Link Posted: 11/19/2018 10:31:20 PM EDT
[#8]
Discussion ForumsJump to Quoted PostQuote History
Quoted:
Right on. Yup. I know. I lost 70 lbs last year doing keto and have kept it off. I weigh 190 and want to get to 175. I still have a little fat below my belly button that I want to lose.  I do intermittent fasting and eat once per day (dinner).Currently I am on a lazy keto diet with my carbs in the 30-50 g range per day. I consume between 1500-1800 calories per day depending on what I eat for dinner and if I have something other than soda water to drink with it.

Eta: a 6 mile run or 65 mins on the elliptical should burn 800-1000 calories, roughly, right?
View Quote
Congratulations!  That is some good work you've done, and I bet you feel 1000% better!
Link Posted: 11/19/2018 10:49:57 PM EDT
[#9]
Did a 5.25 mile walk today and checked my pulse 2x both times I was right at 118-120 bpm. I'm going to mix in these workouts with my cardio and see how it goes.
Link Posted: 11/20/2018 10:05:07 AM EDT
[#10]
Some how I managed to drop 99.5 pounds by the food I ate with doing no exercise.
Exercise just reduces your time before needing joint replacements.
Link Posted: 11/20/2018 7:27:33 PM EDT
[#11]
Discussion ForumsJump to Quoted PostQuote History
Quoted:

you burn the most calories and fat at 60-70% of your max heart rate

https://www.healthline.com/health/fitness-exercise/fat-burning-heart-rate
View Quote
Not true.

If you believe in the value of monitoring HR and using it to guide training, it's because you believe that the higher your heart rate, the more work per unit time you are doing i.e. the more calories you are burning.  So, you don't "burn the most calories" at 60-70% of max HR.

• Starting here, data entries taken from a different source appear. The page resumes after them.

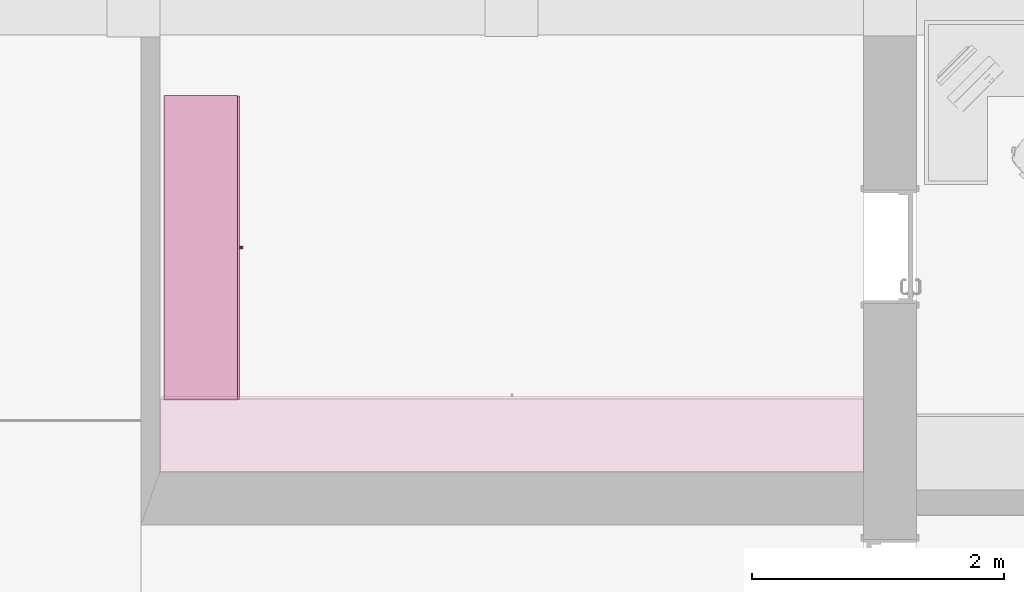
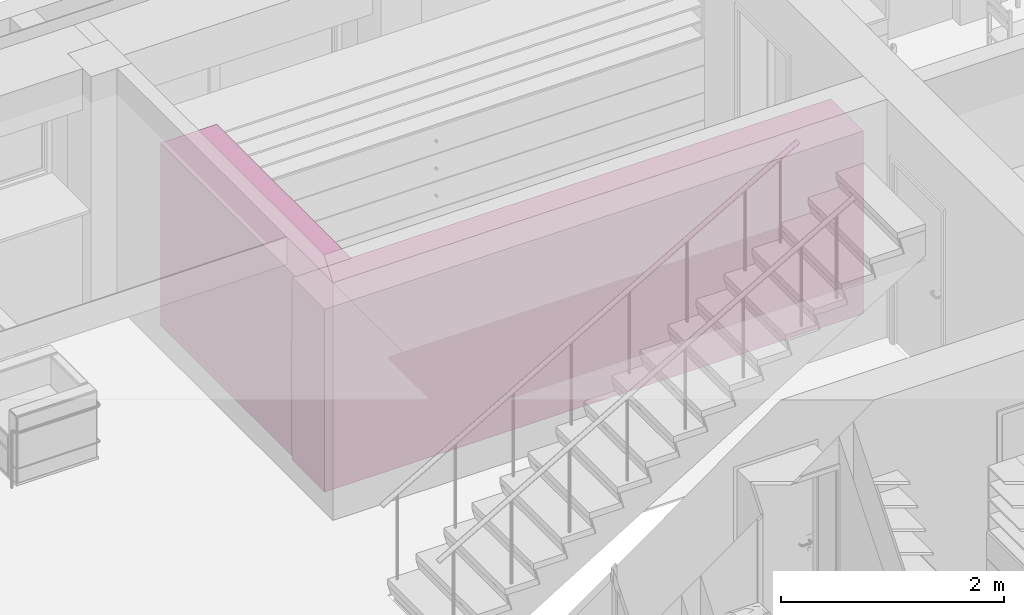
# One storey, part 101 of 127: 2 furnishings.
"""IFC2X3 building model written with IfcOpenShell, lengths in millimetres."""

import ifcopenshell
import ifcopenshell.guid

model = None  # the IFC model being written
_history = None  # IfcOwnerHistory: only IFC2X3 demands one
_inside = {}  # id of a spatial element -> (the spatial element, [elements in it])
_under = {}  # id of a project, library or spatial element -> (it, [spatial elements below it])
_declared = {}  # id of a project -> (the project, [libraries it declares])
_typed = {}  # id of a type object -> (the type object, [elements of that type])
_made_of = {}  # id of a material, layer set ... -> (it, [elements and type objects made of it])


def new_model(schema):
    """Start an empty IFC model of exactly this schema.

    Asked for "IFC4X3", IfcOpenShell would pick the latest addendum, in which some entities
    have other attributes; the version numbers below select the first issue.
    IFC2X3 requires an IfcOwnerHistory on every rooted entity: one is made here for all.
    """
    global model, _history
    if schema == "IFC4X3":
        model = ifcopenshell.file(schema_version=(4, 3, 0, 0))
    else:
        model = ifcopenshell.file(schema=schema)
    _inside.clear()
    _under.clear()
    _declared.clear()
    _typed.clear()
    _made_of.clear()
    _history = None
    if model.schema == "IFC2X3":
        org = make("IfcOrganization", Name="unknown")
        user = make(
            "IfcPersonAndOrganization",
            ThePerson=make("IfcPerson", FamilyName="unknown"),
            TheOrganization=org,
        )
        app = make(
            "IfcApplication",
            ApplicationDeveloper=org,
            Version="unknown",
            ApplicationFullName="unknown",
            ApplicationIdentifier="unknown",
        )
        _history = make(
            "IfcOwnerHistory",
            OwningUser=user,
            OwningApplication=app,
            ChangeAction="ADDED",
            CreationDate=0,
        )
    return model


def make(cls, **values):
    """One entity of the class cls with the attributes given. An attribute that is None is left unset."""
    return model.create_entity(
        cls, **{name: value for name, value in values.items() if value is not None}
    )


def entity(cls, *values):
    """Any entity or typed value of the class cls, its attributes in the order of the schema. None: left unset."""
    e = model.create_entity(cls)
    for i, value in enumerate(values):
        if value is not None:
            e[i] = value
    return e


def rooted(cls, **values):
    """An entity with a GlobalId (a new one), such as an element, a storey or a relation."""
    return make(cls, GlobalId=ifcopenshell.guid.new(), OwnerHistory=_history, **values)


def si_unit(unit_type, name, prefix=None):
    """IfcSIUnit, for example si_unit("LENGTHUNIT", "METRE", prefix="MILLI")."""
    return make("IfcSIUnit", UnitType=unit_type, Prefix=prefix, Name=name)


def converted_unit(unit_type, name, factor, base, dimensions=None, offset=None):
    """IfcConversionBasedUnit, such as the inch: factor (a typed value) times the base unit."""
    return make(
        "IfcConversionBasedUnit"
        if offset is None
        else "IfcConversionBasedUnitWithOffset",
        ConversionOffset=offset,
        Dimensions=None
        if dimensions is None
        else entity("IfcDimensionalExponents", *dimensions),
        UnitType=unit_type,
        Name=name,
        ConversionFactor=make(
            "IfcMeasureWithUnit", ValueComponent=factor, UnitComponent=base
        ),
    )


def derived_unit(unit_type, elements):
    """IfcDerivedUnit: a product of units, each with its exponent."""
    return make(
        "IfcDerivedUnit",
        Elements=[
            make("IfcDerivedUnitElement", Unit=unit, Exponent=power)
            for unit, power in elements
        ],
        UnitType=unit_type,
    )


def money_unit(currency):
    """IfcMonetaryUnit."""
    return make("IfcMonetaryUnit", Currency=currency)


def assignment(units):
    """IfcUnitAssignment: the units of a project."""
    return None if units is None else make("IfcUnitAssignment", Units=units)


def point(xyz):
    """IfcCartesianPoint."""
    return None if xyz is None else make("IfcCartesianPoint", Coordinates=xyz)


def direction(xyz):
    """IfcDirection."""
    return None if xyz is None else make("IfcDirection", DirectionRatios=xyz)


def frame(location, z_axis=None, x_axis=None):
    """IfcAxis2Placement3D, a coordinate frame: its origin and axes. An axis left out is left unset."""
    return make(
        "IfcAxis2Placement3D",
        Location=point(location),
        Axis=direction(z_axis),
        RefDirection=direction(x_axis),
    )


def origin_with_axes():
    """The frame at (0, 0, 0) with the z axis (0, 0, 1) and the x axis (1, 0, 0) written out."""
    return frame((0.0, 0.0, 0.0), z_axis=(0.0, 0.0, 1.0), x_axis=(1.0, 0.0, 0.0))


def place(relative_to, where):
    """IfcLocalPlacement: puts the frame where relative to a parent placement (None: the world)."""
    return make(
        "IfcLocalPlacement", PlacementRelTo=relative_to, RelativePlacement=where
    )


def context(
    kind, dimensions, precision=None, world=None, true_north=None, identifier=None
):
    """IfcGeometricRepresentationContext, for example the 3D "Model" context."""
    return make(
        "IfcGeometricRepresentationContext",
        ContextIdentifier=identifier,
        ContextType=kind,
        CoordinateSpaceDimension=dimensions,
        Precision=precision,
        WorldCoordinateSystem=world,
        TrueNorth=true_north,
    )


def subcontext(parent, identifier, kind, view, scale=None):
    """IfcGeometricRepresentationSubContext, for example "Body" below "Model"."""
    return make(
        "IfcGeometricRepresentationSubContext",
        ContextIdentifier=identifier,
        ContextType=kind,
        ParentContext=parent,
        TargetScale=scale,
        TargetView=view,
    )


def project(units=None, contexts=None):
    """IfcProject with its units and contexts."""
    return rooted(
        "IfcProject",
        Name="project",
        RepresentationContexts=contexts,
        UnitsInContext=assignment(units),
    )


def spatial(cls, under=None, at=None, **own):
    """A site, building, storey or space (cls), placed at a placement, below another one or the project."""
    s = rooted(cls, ObjectPlacement=at, **own)
    if under is not None:
        _under.setdefault(under.id(), (under, []))[1].append(s)
    return s


def faces_of(points, faces, orient=None, outer=None):
    """IfcFace entities. A face is a list of loops; a loop is a list of indices into points, from 0.

    orient and outer hold one flag for each loop. By default every Orientation is true, the
    first loop of a face is its IfcFaceOuterBound and the others are IfcFaceBound.
    """
    made = []
    for i, loops in enumerate(faces):
        bounds = []
        for j, loop in enumerate(loops):
            is_outer = j == 0 if outer is None else outer[i][j]
            bounds.append(
                make(
                    "IfcFaceOuterBound" if is_outer else "IfcFaceBound",
                    Bound=make("IfcPolyLoop", Polygon=[points[k] for k in loop]),
                    Orientation=True if orient is None else orient[i][j],
                )
            )
        made.append(make("IfcFace", Bounds=bounds))
    return made


def faceted_brep(points, faces, orient=None, outer=None, voids=None):
    """IfcFacetedBrep: a solid bounded by flat faces; with voids (closed shells), ...WithVoids."""
    shared = [point(p) for p in points]
    hull = make("IfcClosedShell", CfsFaces=faces_of(shared, faces, orient, outer))
    if voids is None:
        return make("IfcFacetedBrep", Outer=hull)
    return make(
        "IfcFacetedBrepWithVoids",
        Outer=hull,
        Voids=[
            make(cls, CfsFaces=faces_of(shared, fs, o, b)) for cls, fs, o, b in voids
        ],
    )


def shape(context_of_items, identifier, shape_type, items):
    """IfcShapeRepresentation: the items that make up one representation, for example the "Body"."""
    return make(
        "IfcShapeRepresentation",
        ContextOfItems=context_of_items,
        RepresentationIdentifier=identifier,
        RepresentationType=shape_type,
        Items=items,
    )


def made_of(thing, what):
    """Note that an element or type object is made of a material, layer set ...; save() writes the relation."""
    if what is not None:
        _made_of.setdefault(what.id(), (what, []))[1].append(thing)
    return thing


def type_object(cls, material=None, **own):
    """A type object (cls), such as IfcWallType, which elements share."""
    return made_of(rooted(cls, **own), material)


def element(
    cls,
    number,
    at=None,
    inside=None,
    cuts=None,
    type_object=None,
    material=None,
    context=None,
    identifier="Body",
    shape_type=None,
    held_by="IfcProductDefinitionShape",
    body=None,
    shapes=None,
    **own,
):
    """One element of the class cls, such as IfcWall. Its Tag is "e" and its number.

    at: its placement. inside: the storey or other place that contains it. cuts: it is an
    opening in that element (IfcRelVoidsElement). A single representation is given by context,
    identifier, shape_type and body (its items); several are given by shapes. held_by: the class
    of the entity that holds the representations. save() writes the other relations.
    """
    e = rooted(cls, Tag="e%d" % number, ObjectPlacement=at, **own)
    if body is not None:
        shapes = [shape(context, identifier, shape_type, body)]
    if shapes is not None:
        e.Representation = make(held_by, Representations=shapes)
    if inside is not None:
        _inside.setdefault(inside.id(), (inside, []))[1].append(e)
    if cuts is not None:
        rooted(
            "IfcRelVoidsElement", RelatingBuildingElement=cuts, RelatedOpeningElement=e
        )
    if type_object is not None:
        _typed.setdefault(type_object.id(), (type_object, []))[1].append(e)
    return made_of(e, material)


def aggregate(whole, parts):
    """IfcRelAggregates: a whole, such as a stair, and the parts it consists of."""
    return rooted("IfcRelAggregates", RelatingObject=whole, RelatedObjects=parts)


def save(model, path):
    """Write the relations noted so far, then the file.

    IfcRelAggregates (storeys below a building ...), IfcRelContainedInSpatialStructure (elements
    in a storey), IfcRelDefinesByType, IfcRelAssociatesMaterial and IfcRelDeclares: one each for
    every whole, place, type object, material and project.
    """
    for whole, parts in _under.values():
        aggregate(whole, parts)
    for where, things in _inside.values():
        rooted(
            "IfcRelContainedInSpatialStructure",
            RelatedElements=things,
            RelatingStructure=where,
        )
    for kind, things in _typed.values():
        rooted("IfcRelDefinesByType", RelatedObjects=things, RelatingType=kind)
    for what, things in _made_of.values():
        rooted("IfcRelAssociatesMaterial", RelatedObjects=things, RelatingMaterial=what)
    for by, libraries in _declared.values():
        rooted("IfcRelDeclares", RelatingContext=by, RelatedDefinitions=libraries)
    model.write(path)


model = new_model("IFC2X3")

# Units and contexts
model_context = context("Model", 3, precision=1e-05, world=origin_with_axes(), true_north=direction((0.0, 1.0)))
body_context = subcontext(model_context, "Body", "Model", "MODEL_VIEW")
ifc_project = project(units=[si_unit("LENGTHUNIT", "METRE", prefix="MILLI"), si_unit("AREAUNIT", "SQUARE_METRE"), si_unit("VOLUMEUNIT", "CUBIC_METRE"), converted_unit("PLANEANGLEUNIT", "DEGREE", entity("IfcPlaneAngleMeasure", 0.0174532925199), si_unit("PLANEANGLEUNIT", "RADIAN"), dimensions=[0, 0, 0, 0, 0, 0, 0]), si_unit("SOLIDANGLEUNIT", "STERADIAN"), money_unit("EUR"), converted_unit("TIMEUNIT", "Year", entity("IfcTimeMeasure", 31556926.0), si_unit("TIMEUNIT", "SECOND"), dimensions=[0, 0, 1, 0, 0, 0, 0]), si_unit("MASSUNIT", "GRAM", prefix="KILO"), si_unit("THERMODYNAMICTEMPERATUREUNIT", "DEGREE_CELSIUS"), si_unit("LUMINOUSINTENSITYUNIT", "LUMEN"), si_unit("ENERGYUNIT", "JOULE", prefix="MEGA"), derived_unit("THERMALCONDUCTANCEUNIT", [(si_unit("POWERUNIT", "WATT"), 1), (si_unit("LENGTHUNIT", "METRE"), -1), (si_unit("THERMODYNAMICTEMPERATUREUNIT", "KELVIN"), -1)]), derived_unit("SPECIFICHEATCAPACITYUNIT", [(si_unit("ENERGYUNIT", "JOULE"), 1), (si_unit("MASSUNIT", "GRAM", prefix="KILO"), -1), (si_unit("THERMODYNAMICTEMPERATUREUNIT", "KELVIN"), -1)]), derived_unit("MASSDENSITYUNIT", [(si_unit("MASSUNIT", "GRAM", prefix="KILO"), 1), (si_unit("VOLUMEUNIT", "CUBIC_METRE"), -1)])], contexts=[model_context])

# Site, building, storey
site_placement = place(None, origin_with_axes())
site = spatial("IfcSite", under=ifc_project, at=site_placement, Name="Site", CompositionType="ELEMENT")
building_placement = place(site_placement, origin_with_axes())
building = spatial("IfcBuilding", under=site, at=building_placement, Name="Building", CompositionType="ELEMENT")
storey_placement = place(building_placement, origin_with_axes())
storey = spatial("IfcBuildingStorey", under=building, at=storey_placement, Name="1 KORRUS", CompositionType="ELEMENT", Elevation=0.0)

# Furnishings
furnishing_element_type_1 = type_object("IfcFurnishingElementType", Name="Model Element 51")
furnishing_1_placement = place(storey_placement, frame((25787.4782996, 46010.5666331, 0.0), z_axis=(0.0, 0.0, 1.0), x_axis=(0.0, 1.0, 0.0)))
element("IfcFurnishingElement", 1, at=furnishing_1_placement, inside=storey, type_object=furnishing_element_type_1, Name="FU - 013", context=body_context, shape_type="Brep", body=[
    faceted_brep([(-2416.40847365, 19.0, 0.0), (-2416.40847365, 599.999999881, 0.0), (0.0, 599.999999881, 0.0), (0.0, 19.0, 0.0), (-2416.40847365, 19.0, 100.0), (-2416.40847365, 599.999999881, 100.0), (0.0, 599.999999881, 100.0), (0.0, 19.0, 100.0)], [[[0, 1, 2, 3]], [[0, 4, 5, 1]], [[1, 5, 6, 2]], [[2, 6, 7, 3]], [[3, 7, 4, 0]], [[7, 6, 5, 4]]]),
    faceted_brep([(-19.0, 599.999999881, 119.0), (-19.0, 599.999999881, 1981.0), (-19.0, 580.999999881, 1981.0), (-19.0, 580.999999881, 119.0), (-2397.40847365, 599.999999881, 119.0), (-2397.40847365, 599.999999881, 1981.0), (-2397.40847365, 580.999999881, 1981.0), (-2397.40847365, 580.999999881, 119.0)], [[[0, 1, 2, 3]], [[4, 5, 1, 0]], [[1, 5, 6, 2]], [[3, 2, 6, 7]], [[0, 3, 7, 4]], [[7, 6, 5, 4]]]),
    faceted_brep([(-2416.40847365, 19.0, 100.0), (-2416.40847365, 599.999999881, 100.0), (-2397.40847365, 599.999999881, 100.0), (-2397.40847365, 19.0, 100.0), (-2416.40847365, 19.0, 2000.0), (-2416.40847365, 599.999999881, 2000.0), (-2397.40847365, 599.999999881, 2000.0), (-2397.40847365, 19.0, 2000.0)], [[[0, 1, 2, 3]], [[0, 4, 5, 1]], [[1, 5, 6, 2]], [[2, 6, 7, 3]], [[3, 7, 4, 0]], [[7, 6, 5, 4]]]),
    faceted_brep([(-19.0, 19.0, 100.0), (-19.0, 599.999999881, 100.0), (0.0, 599.999999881, 100.0), (0.0, 19.0, 100.0), (-19.0, 19.0, 2000.0), (-19.0, 599.999999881, 2000.0), (0.0, 599.999999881, 2000.0), (0.0, 19.0, 2000.0)], [[[0, 1, 2, 3]], [[0, 4, 5, 1]], [[1, 5, 6, 2]], [[2, 6, 7, 3]], [[3, 7, 4, 0]], [[7, 6, 5, 4]]]),
    faceted_brep([(-2397.40847365, 19.0, 100.0), (-2397.40847365, 599.999999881, 100.0), (-19.0, 599.999999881, 100.0), (-19.0, 19.0, 100.0), (-2397.40847365, 19.0, 119.0), (-2397.40847365, 599.999999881, 119.0), (-19.0, 599.999999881, 119.0), (-19.0, 19.0, 119.0)], [[[0, 1, 2, 3]], [[0, 4, 5, 1]], [[1, 5, 6, 2]], [[2, 6, 7, 3]], [[3, 7, 4, 0]], [[7, 6, 5, 4]]]),
    faceted_brep([(-2397.40847365, 19.0, 1981.0), (-2397.40847365, 599.999999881, 1981.0), (-19.0, 599.999999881, 1981.0), (-19.0, 19.0, 1981.0), (-2397.40847365, 19.0, 2000.0), (-2397.40847365, 599.999999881, 2000.0), (-19.0, 599.999999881, 2000.0), (-19.0, 19.0, 2000.0)], [[[0, 1, 2, 3]], [[0, 4, 5, 1]], [[1, 5, 6, 2]], [[2, 6, 7, 3]], [[3, 7, 4, 0]], [[7, 6, 5, 4]]]),
    faceted_brep([(-5.0, 19.0, 105.0), (-5.0, 0.0, 105.0), (-2411.40847365, 0.0, 105.0), (-2411.40847365, 19.0, 105.0), (-5.0, 19.0, 395.0), (-5.0, 0.0, 395.0), (-2411.40847365, 0.0, 395.0), (-2411.40847365, 19.0, 395.0)], [[[0, 1, 2, 3]], [[4, 5, 1, 0]], [[1, 5, 6, 2]], [[3, 2, 6, 7]], [[0, 3, 7, 4]], [[7, 6, 5, 4]]]),
    faceted_brep([(-1218.59654167, 0.0, 244.0), (-1220.20423683, 0.0, 250.0), (-1218.59654167, 0.0, 256.0), (-1214.20423683, 0.0, 260.392304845), (-1208.20423683, 0.0, 262.0), (-1202.20423683, 0.0, 260.392304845), (-1197.81193198, 0.0, 256.0), (-1196.20423683, 0.0, 250.0), (-1197.81193198, 0.0, 244.0), (-1202.20423683, 0.0, 239.607695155), (-1208.20423683, 0.0, 238.0), (-1214.20423683, 0.0, 239.607695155), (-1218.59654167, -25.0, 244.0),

Generally, the lower the HR, the higher the percentage of energy is coming from aerobic metabolism of free fatty acids.  Generally, the higher the HR, the more calories one is burning.

When I see "FAT BURNING ZONE", it indicates an intensity where a high percentage of calories are coming from fat,  but that doesn't mean that you are burning the most fat calories possible.  The analogy is "you can have 80% of what's in my wallet or 10% of what's in my savings account".

In any case, since the body replenishes muscle glycogen - the energy substrate when intensity exceeds the ability of aerobic metabolism to sustain the work load - it's not clear that going artificially easy accelerates weight loss.  In fact, many here have posted evidence that doing HIIT, which is the opposite of FATBURNINGZONE leads to better weight loss.

Do some strength work, do some high intensity endurance, and do some low intensity endurance to optimize health, but diet trumps all.